Start of Input records
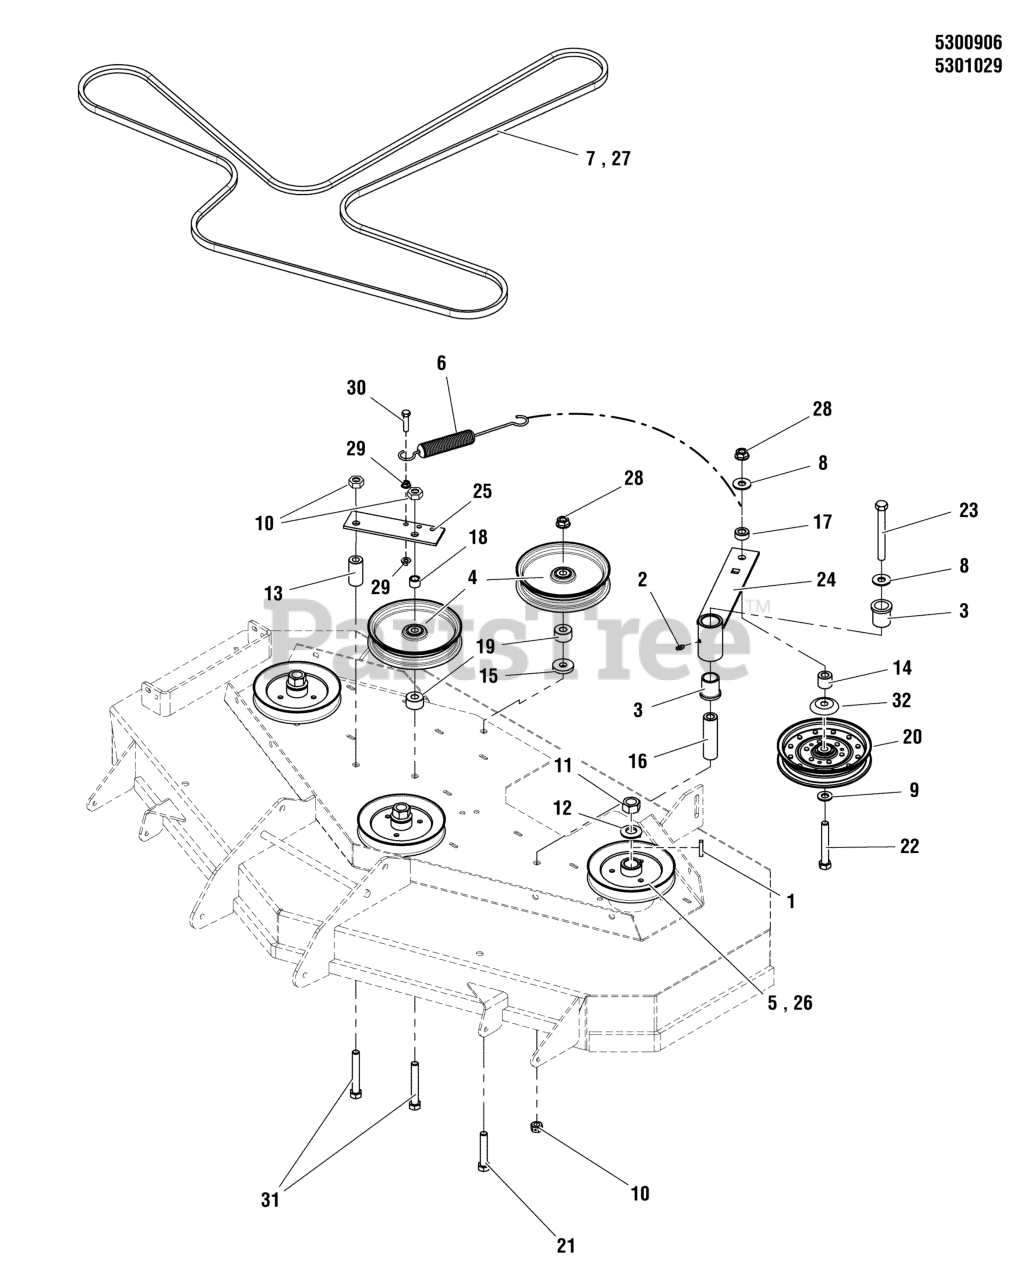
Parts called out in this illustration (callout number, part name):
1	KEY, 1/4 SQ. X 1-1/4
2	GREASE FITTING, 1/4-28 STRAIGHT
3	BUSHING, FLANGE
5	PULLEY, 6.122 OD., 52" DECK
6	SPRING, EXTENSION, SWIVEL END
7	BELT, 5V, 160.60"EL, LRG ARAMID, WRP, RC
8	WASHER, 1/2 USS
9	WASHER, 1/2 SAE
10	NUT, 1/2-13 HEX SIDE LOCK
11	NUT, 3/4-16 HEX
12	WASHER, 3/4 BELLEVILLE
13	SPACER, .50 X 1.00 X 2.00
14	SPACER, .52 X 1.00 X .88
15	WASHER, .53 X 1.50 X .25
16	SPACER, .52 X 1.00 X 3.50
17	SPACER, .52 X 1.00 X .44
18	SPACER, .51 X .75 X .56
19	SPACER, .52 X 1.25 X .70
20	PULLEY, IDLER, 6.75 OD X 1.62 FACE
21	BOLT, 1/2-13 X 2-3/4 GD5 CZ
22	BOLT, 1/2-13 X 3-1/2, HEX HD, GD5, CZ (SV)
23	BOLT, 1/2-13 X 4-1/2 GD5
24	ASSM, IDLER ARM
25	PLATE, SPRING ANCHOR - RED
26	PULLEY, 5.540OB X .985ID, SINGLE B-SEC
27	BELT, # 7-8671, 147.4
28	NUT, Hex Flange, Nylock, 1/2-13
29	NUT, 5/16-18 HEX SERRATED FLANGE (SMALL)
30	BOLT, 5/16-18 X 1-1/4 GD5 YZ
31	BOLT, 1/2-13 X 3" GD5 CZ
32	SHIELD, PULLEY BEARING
End of Input records
Start of Input records
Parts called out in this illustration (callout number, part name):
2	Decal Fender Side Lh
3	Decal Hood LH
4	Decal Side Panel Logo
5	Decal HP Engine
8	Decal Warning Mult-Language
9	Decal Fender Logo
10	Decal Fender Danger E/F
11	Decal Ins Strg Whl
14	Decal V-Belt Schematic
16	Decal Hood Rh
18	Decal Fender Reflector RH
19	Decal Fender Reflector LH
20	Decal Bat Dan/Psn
End of Input records
• [Task to complete] Count the lines of the entries above in which the string "Reflector" appears. Supply the number only.

• [Solution to the exercise] 2